For reference, build options for VTK are documented here: https://github.com/Kitware/VTK/blob/master/Documentation/dev/build.md#build-settings

Instead of running ctest -D Experimental, I suggest you try to directly use ctest to run the test. What do you get doing the following:

git clone --recursive https://gitlab.kitware.com/vtk/vtk.git
mkdir build
cd build
cmake -GNinja -DVTK_WRAP_PYTHON=ON -DVTK_BUILD_TESTING=WANT ../vtk/ 
ninja
ctest -N

Running ctest -N should list all tests that have been enabled. See https://cmake.org/cmake/help/latest/manual/ctest.1.html#options

jcfr avatar Jul 07 '20 15:07 jcfr

cmake -GNinja VTK_BUILD_TESTING=WANT

It looks like you missed -D on the testing argument.

mathstuf avatar Jul 07 '20 15:07 mathstuf

@mathstuf Thanks for your support. I am able to run the test cases on x86 machine but few test cases are failing. I investigated about the possible reasons for the failures and I think that they are failing because of some system dependency. Could you please look into the logs and point the possible reasons for the failed test cases. Attaching the test logs for your reference. VTK_Text_logs.txt

odidev avatar Sep 01 '20 07:09 odidev

(I'm working with @odidev). @odidev - I guess the good news is that all the failures look the same: 'numerical' :)

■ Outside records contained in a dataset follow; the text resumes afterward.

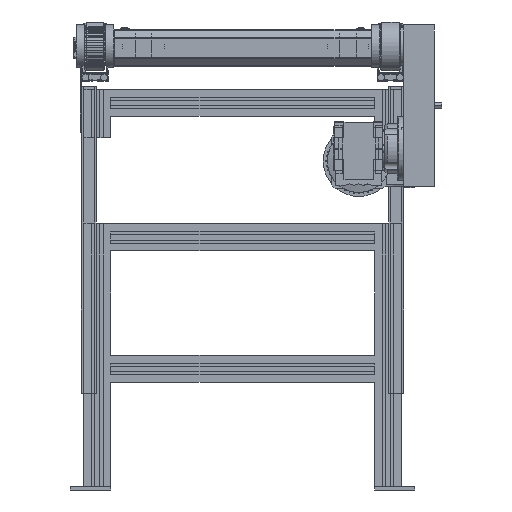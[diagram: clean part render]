
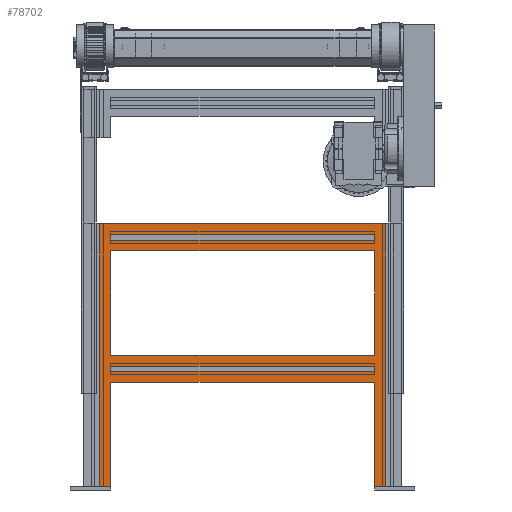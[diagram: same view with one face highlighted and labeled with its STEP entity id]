
A CAD part, front view. The second image highlights one B-rep face of the part: STEP entity #78702.
In plain terms, the highlighted planar face has unit normal (0, -1, 0).
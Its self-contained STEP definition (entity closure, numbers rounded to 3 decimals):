
#602=FACE_BOUND('',#10364,.T.);
#603=FACE_BOUND('',#10365,.T.);
#604=FACE_BOUND('',#10366,.T.);
#6465=FACE_OUTER_BOUND('',#10363,.T.);
#10363=EDGE_LOOP('',(#58825,#58826,#58827,#58828,#58829,#58830,#58831,#58832));
#10364=EDGE_LOOP('',(#58833,#58834,#58835,#58836));
#10365=EDGE_LOOP('',(#58837,#58838,#58839,#58840));
#10366=EDGE_LOOP('',(#58841,#58842,#58843,#58844));
#16245=LINE('',#118418,#24507);
#16458=LINE('',#118866,#24720);
#16464=LINE('',#118880,#24726);
#16480=LINE('',#118913,#24742);
#16504=LINE('',#118964,#24766);
#16654=LINE('',#119260,#24916);
#16681=LINE('',#119313,#24943);
#16882=LINE('',#119711,#25144);
#16894=LINE('',#119735,#25156);
#16897=LINE('',#119741,#25159);
#16944=LINE('',#119834,#25206);
#16948=LINE('',#119842,#25210);
#16951=LINE('',#119847,#25213);
#16960=LINE('',#119862,#25222);
#16971=LINE('',#119884,#25233);
#16983=LINE('',#119908,#25245);
#17025=LINE('',#119989,#25287);
#17029=LINE('',#119996,#25291);
#17126=LINE('',#120186,#25388);
#17127=LINE('',#120188,#25389);
#24507=VECTOR('',#95705,19.95);
#24720=VECTOR('',#96048,194.5);
#24726=VECTOR('',#96058,10.1);
#24742=VECTOR('',#96078,194.5);
#24766=VECTOR('',#96112,10.1);
#24916=VECTOR('',#96348,489.);
#24943=VECTOR('',#96395,19.95);
#25144=VECTOR('',#96766,491.);
#25156=VECTOR('',#96790,491.);
#25159=VECTOR('',#96795,491.);
#25206=VECTOR('',#96882,491.);
#25210=VECTOR('',#96892,194.5);
#25213=VECTOR('',#96897,10.1);
#25222=VECTOR('',#96914,194.5);
#25233=VECTOR('',#96931,491.);
#25245=VECTOR('',#96955,491.);
#25287=VECTOR('',#97035,491.);
#25291=VECTOR('',#97045,10.1);
#25388=VECTOR('',#97228,489.);
#25389=VECTOR('',#97231,530.9);
#32558=VERTEX_POINT('',#118416);
#32559=VERTEX_POINT('',#118417);
#32726=VERTEX_POINT('',#118859);
#32729=VERTEX_POINT('',#118864);
#32734=VERTEX_POINT('',#118877);
#32735=VERTEX_POINT('',#118879);
#32749=VERTEX_POINT('',#118910);
#32750=VERTEX_POINT('',#118912);
#32770=VERTEX_POINT('',#118960);
#32772=VERTEX_POINT('',#118963);
#32874=VERTEX_POINT('',#119256);
#32875=VERTEX_POINT('',#119258);
#33003=VERTEX_POINT('',#119708);
#33009=VERTEX_POINT('',#119733);
#33011=VERTEX_POINT('',#119738);
#33036=VERTEX_POINT('',#119831);
#33038=VERTEX_POINT('',#119841);
#33049=VERTEX_POINT('',#119881);
#33055=VERTEX_POINT('',#119906);
#33125=VERTEX_POINT('',#120184);
#41558=EDGE_CURVE('',#32558,#32559,#16245,.T.);
#41781=EDGE_CURVE('',#32726,#32729,#16458,.T.);
#41787=EDGE_CURVE('',#32735,#32734,#16464,.T.);
#41803=EDGE_CURVE('',#32750,#32749,#16480,.T.);
#41827=EDGE_CURVE('',#32772,#32770,#16504,.T.);
#41977=EDGE_CURVE('',#32875,#32874,#16654,.T.);
#42004=EDGE_CURVE('',#32875,#32750,#16681,.T.);
#42207=EDGE_CURVE('',#32735,#33003,#16882,.T.);
#42219=EDGE_CURVE('',#32734,#33009,#16894,.T.);
#42222=EDGE_CURVE('',#32726,#33011,#16897,.T.);
#42269=EDGE_CURVE('',#32749,#33036,#16944,.T.);
#42273=EDGE_CURVE('',#33011,#33038,#16948,.T.);
#42276=EDGE_CURVE('',#33003,#33009,#16951,.T.);
#42285=EDGE_CURVE('',#32559,#33036,#16960,.T.);
#42296=EDGE_CURVE('',#32772,#33049,#16971,.T.);
#42308=EDGE_CURVE('',#32770,#33055,#16983,.T.);
#42350=EDGE_CURVE('',#32729,#33038,#17025,.T.);
#42354=EDGE_CURVE('',#33049,#33055,#17029,.T.);
#42451=EDGE_CURVE('',#32558,#33125,#17126,.T.);
#42452=EDGE_CURVE('',#32874,#33125,#17127,.T.);
#58825=ORIENTED_EDGE('',*,*,#42269,.T.);
#58826=ORIENTED_EDGE('',*,*,#42285,.F.);
#58827=ORIENTED_EDGE('',*,*,#41558,.F.);
#58828=ORIENTED_EDGE('',*,*,#42451,.T.);
#58829=ORIENTED_EDGE('',*,*,#42452,.F.);
#58830=ORIENTED_EDGE('',*,*,#41977,.F.);
#58831=ORIENTED_EDGE('',*,*,#42004,.T.);
#58832=ORIENTED_EDGE('',*,*,#41803,.T.);
#58833=ORIENTED_EDGE('',*,*,#42219,.T.);
#58834=ORIENTED_EDGE('',*,*,#42276,.F.);
#58835=ORIENTED_EDGE('',*,*,#42207,.F.);
#58836=ORIENTED_EDGE('',*,*,#41787,.T.);
#58837=ORIENTED_EDGE('',*,*,#42308,.T.);
#58838=ORIENTED_EDGE('',*,*,#42354,.F.);
#58839=ORIENTED_EDGE('',*,*,#42296,.F.);
#58840=ORIENTED_EDGE('',*,*,#41827,.T.);
#58841=ORIENTED_EDGE('',*,*,#42222,.F.);
#58842=ORIENTED_EDGE('',*,*,#41781,.T.);
#58843=ORIENTED_EDGE('',*,*,#42350,.T.);
#58844=ORIENTED_EDGE('',*,*,#42273,.F.);
#71729=PLANE('',#83679);
#78702=ADVANCED_FACE('',(#6465,#602,#603,#604),#71729,.T.);
#83679=AXIS2_PLACEMENT_3D('',#120187,#97229,#97230);
#95705=DIRECTION('',(-1.,0.,0.));
#96048=DIRECTION('',(0.,0.,1.));
#96058=DIRECTION('',(0.,0.,1.));
#96078=DIRECTION('',(0.,0.,1.));
#96112=DIRECTION('',(0.,0.,1.));
#96348=DIRECTION('',(0.,0.,1.));
#96395=DIRECTION('',(1.,0.,0.));
#96766=DIRECTION('',(1.,0.,0.));
#96790=DIRECTION('',(1.,0.,0.));
#96795=DIRECTION('',(1.,0.,0.));
#96882=DIRECTION('',(1.,0.,0.));
#96892=DIRECTION('',(0.,0.,1.));
#96897=DIRECTION('',(0.,0.,1.));
#96914=DIRECTION('',(0.,0.,1.));
#96931=DIRECTION('',(1.,0.,0.));
#96955=DIRECTION('',(1.,0.,0.));
#97035=DIRECTION('',(1.,0.,0.));
#97045=DIRECTION('',(0.,0.,1.));
#97228=DIRECTION('',(0.,0.,1.));
#97229=DIRECTION('center_axis',(0.,-1.,0.));
#97230=DIRECTION('ref_axis',(0.,0.,-1.));
#97231=DIRECTION('',(1.,0.,0.));
#118416=CARTESIAN_POINT('',(265.45,-845.,-819.));
#118417=CARTESIAN_POINT('',(245.5,-845.,-819.));
#118418=CARTESIAN_POINT('',(274.225,-845.,-819.));
#118859=CARTESIAN_POINT('',(-245.5,-845.,-574.5));
#118864=CARTESIAN_POINT('',(-245.5,-845.,-380.));
#118866=CARTESIAN_POINT('',(-245.5,-845.,-819.));
#118877=CARTESIAN_POINT('',(-245.5,-845.,-594.45));
#118879=CARTESIAN_POINT('',(-245.5,-845.,-604.55));
#118880=CARTESIAN_POINT('',(-245.5,-845.,-819.));
#118910=CARTESIAN_POINT('',(-245.5,-845.,-624.5));
#118912=CARTESIAN_POINT('',(-245.5,-845.,-819.));
#118913=CARTESIAN_POINT('',(-245.5,-845.,-819.));
#118960=CARTESIAN_POINT('',(-245.5,-845.,-349.95));
#118963=CARTESIAN_POINT('',(-245.5,-845.,-360.05));
#118964=CARTESIAN_POINT('',(-245.5,-845.,-819.));
#119256=CARTESIAN_POINT('',(-265.45,-845.,-330.));
#119258=CARTESIAN_POINT('',(-265.45,-845.,-819.));
#119260=CARTESIAN_POINT('',(-265.45,-845.,-819.));
#119313=CARTESIAN_POINT('',(-274.225,-845.,-819.));
#119708=CARTESIAN_POINT('',(245.5,-845.,-604.55));
#119711=CARTESIAN_POINT('',(0.,-845.,-604.55));
#119733=CARTESIAN_POINT('',(245.5,-845.,-594.45));
#119735=CARTESIAN_POINT('',(0.,-845.,-594.45));
#119738=CARTESIAN_POINT('',(245.5,-845.,-574.5));
#119741=CARTESIAN_POINT('',(0.,-845.,-574.5));
#119831=CARTESIAN_POINT('',(245.5,-845.,-624.5));
#119834=CARTESIAN_POINT('',(0.,-845.,-624.5));
#119841=CARTESIAN_POINT('',(245.5,-845.,-380.));
#119842=CARTESIAN_POINT('',(245.5,-845.,-819.));
#119847=CARTESIAN_POINT('',(245.5,-845.,-819.));
#119862=CARTESIAN_POINT('',(245.5,-845.,-819.));
#119881=CARTESIAN_POINT('',(245.5,-845.,-360.05));
#119884=CARTESIAN_POINT('',(0.,-845.,-360.05));
#119906=CARTESIAN_POINT('',(245.5,-845.,-349.95));
#119908=CARTESIAN_POINT('',(0.,-845.,-349.95));
#119989=CARTESIAN_POINT('',(0.,-845.,-380.));
#119996=CARTESIAN_POINT('',(245.5,-845.,-819.));
#120184=CARTESIAN_POINT('',(265.45,-845.,-330.));
#120186=CARTESIAN_POINT('',(265.45,-845.,-819.));
#120187=CARTESIAN_POINT('Origin',(265.45,-845.,-819.));
#120188=CARTESIAN_POINT('',(0.,-845.,-330.));

Can you work on reproducing a single test with a complete example of how to reproduce the single test failure. Also, please can you output more verbose logging information as this may reveal the source of the problem.

rhenwood-arm avatar Sep 01 '20 21:09 rhenwood-arm

I have attached the test file TestConeLayoutStrategy.txt which looks to be a minimal program to reproduce the issue.

odidev avatar Nov 05 '20 12:11 odidev

I have ran example program to display the cylinder on both aarch64 and x86_64 architecture. here is the test program: test.txt

Please see blow outputs on both the architectures

On aarch64 aarch64

On x86_64 x86_64

odidev avatar Jan 20 '21 06:01 odidev

@mathstuf, I ran single test case with debug logs enabled using command ctest -R TestGPURayCastSlicePlane --debug 2>&1 | tee debug-log-aarch64.txt. Attached the debug log file here for your reference. Could you please help me debugging this test failure? Thanks in advance.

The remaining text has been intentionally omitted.